Arte: Ricardo Machado

Arte: Ricardo Machado

Arte: Ricardo Machado

Não foram os americanos que inventaram o shopping center. Seus antecedentes diretos são as galerias de comércio de Leeds, na Inglaterra, e as passagens de Paris pelas quais flanava, encantado, o Walter Benjamin. Ou, se você quiser ir mais longe, os bazares do Oriente. Mas foram os americanosque aperfeiçoaram a ideia de cidades fechadas e controladas, à prova de poluição, pedintes, automóveis, variações climáticas e todos os outros inconvenientes da rua. Cidades só de calçadas, onde nunca chove, neva ou venta, dedicadas exclusivamente às compras e ao lazer – enfim, pequenos (ou enormes) templos de consumo e conforto.

Os xópis são civilizações à parte, cuja existência e o sucesso dependem, acima de tudo, de não serem invadidas pelos males da rua. Dentro dos xópis você pode lamentar a padronização de lojas e grifes, que são as mesmas em todos, e a sensação de estar num ambiente artificial longe do mundo real, mas não pode deixar de reconhecer que, se a americanização do planeta teve seu lado bom, foi a criação desses bazares modernos, estes centros de conveniências com que o Primeiro Mundo – ou pelo menos uma ilusão de Primeiro Mundo – se espraia pelo mundo todo. Os xópis não são exclusivos, qualquer um pode entrar num xópi nem que seja só para fugir do calor, ou flanar entre as suas vitrines, mas a apreensão causada por essas manifestações de massa nas suas calçadas protegidas, os rolezinhos, soa como privilégio ameaçado. De um jeito ou de outro, a invasão planejada de xópis tem algo de dessacralização.

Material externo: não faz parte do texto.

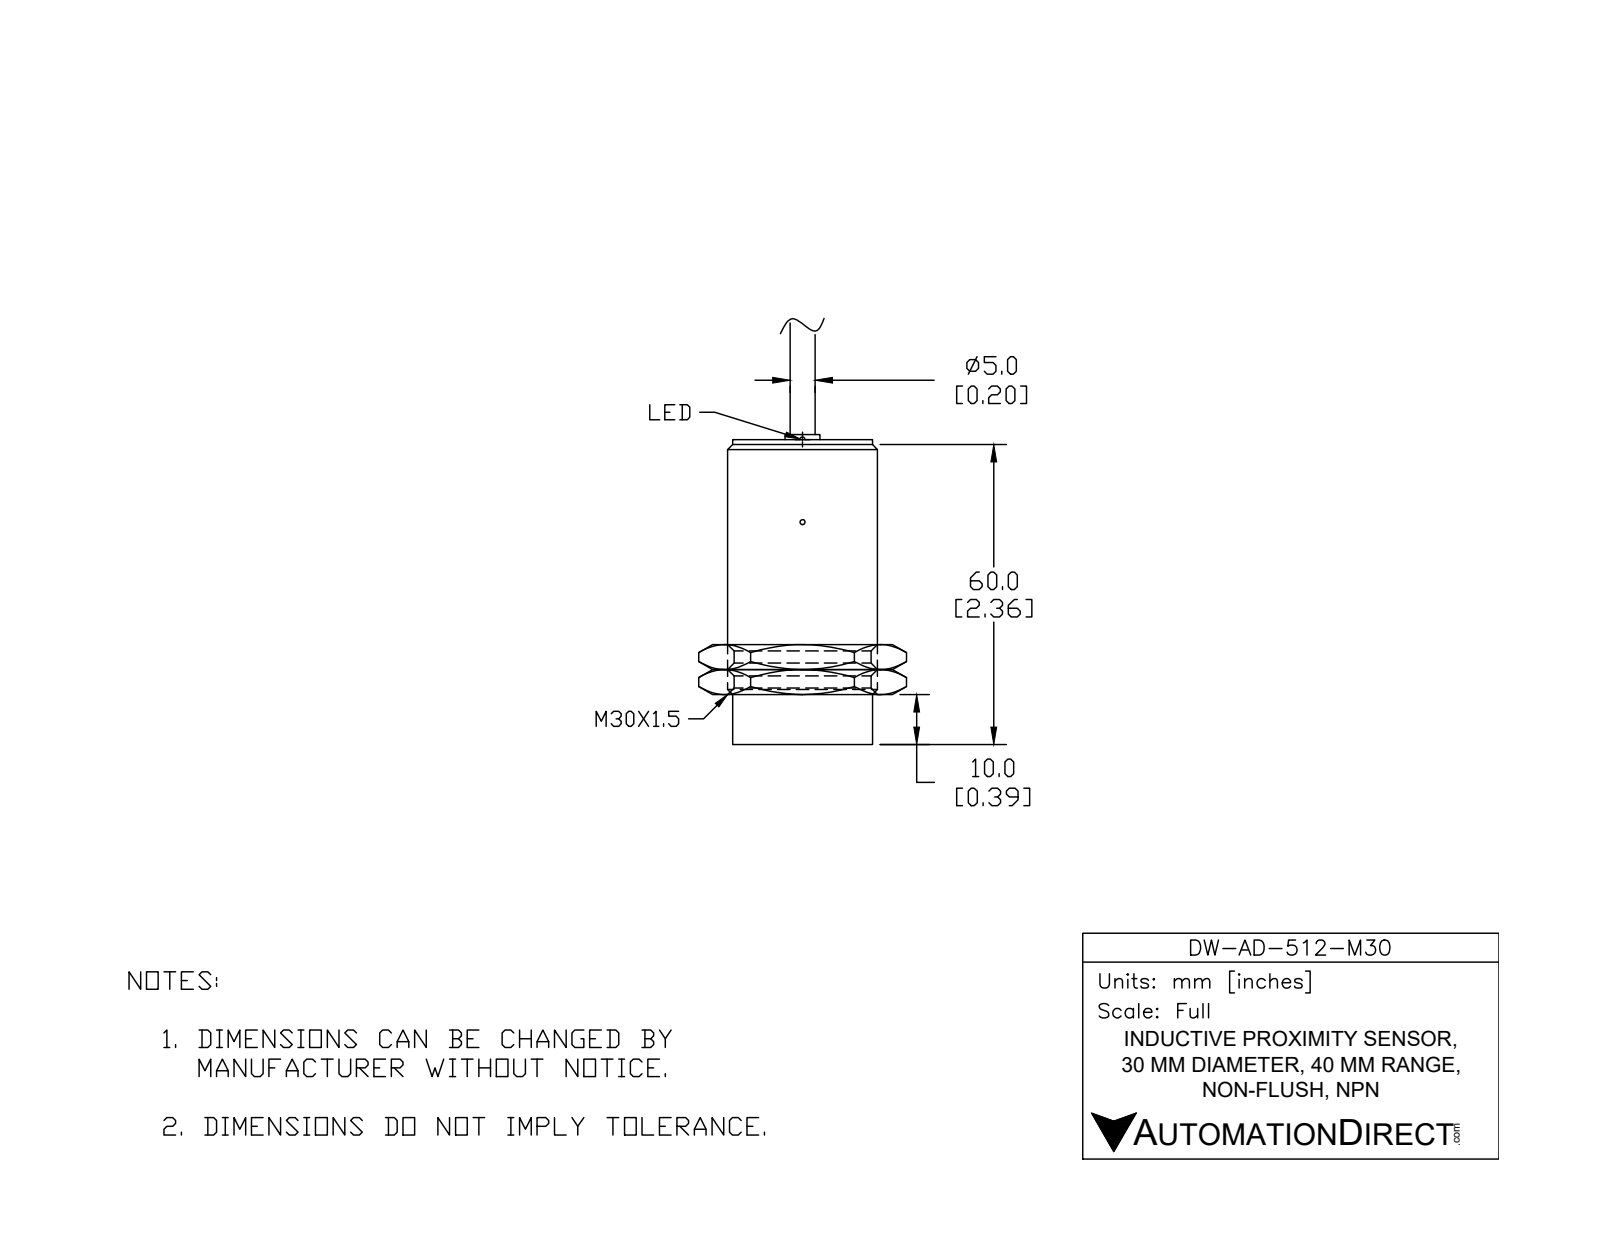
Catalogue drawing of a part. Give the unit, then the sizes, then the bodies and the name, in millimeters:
Units: millimetres
Overall size (bounding box): 88 × 30 × 30
Round bosses / shafts (diameter × count): ⌀30 ×1, ⌀27.5 ×1, ⌀10.5 ×1, ⌀5 ×1
Main face-to-face distances: 10, 61, 51, 61.7, 51.8, 0.8, 88, 78, 27, 26.2
Volume: 42 540 mm³ · Surface area: 8 606 mm²
Bodies: 2 solids, 16 faces (6 planar, 4 cylindrical, 6 other)
Part name (STEP PRODUCT): DW-AD-512-M30
STEP written by: SolidWorks 2017 (AUTOMOTIVE_DESIGN)

É a rua se infiltrando no falso Primeiro Mundo. A perigosa rua, que vai acabar estragando a ilusão. As invasões podem ser passageiras ou podem descambar para violência e saques. Você pode considerar que elas são contra tudo o que os templos de consumo representam ou pode vê-las como o ataque de outra civilização à parte, a da irmandade da internet, à civilização dos xópis. No caso, seria o choque de duas potências parecidas, na medida em que as duas pertencem a um Primeiro Mundo de mentira que não tem muito a ver com a nossa realidade. O difícil seria escolher para qual das
duas torcer. Eu ficaria com a mentira dos xópis.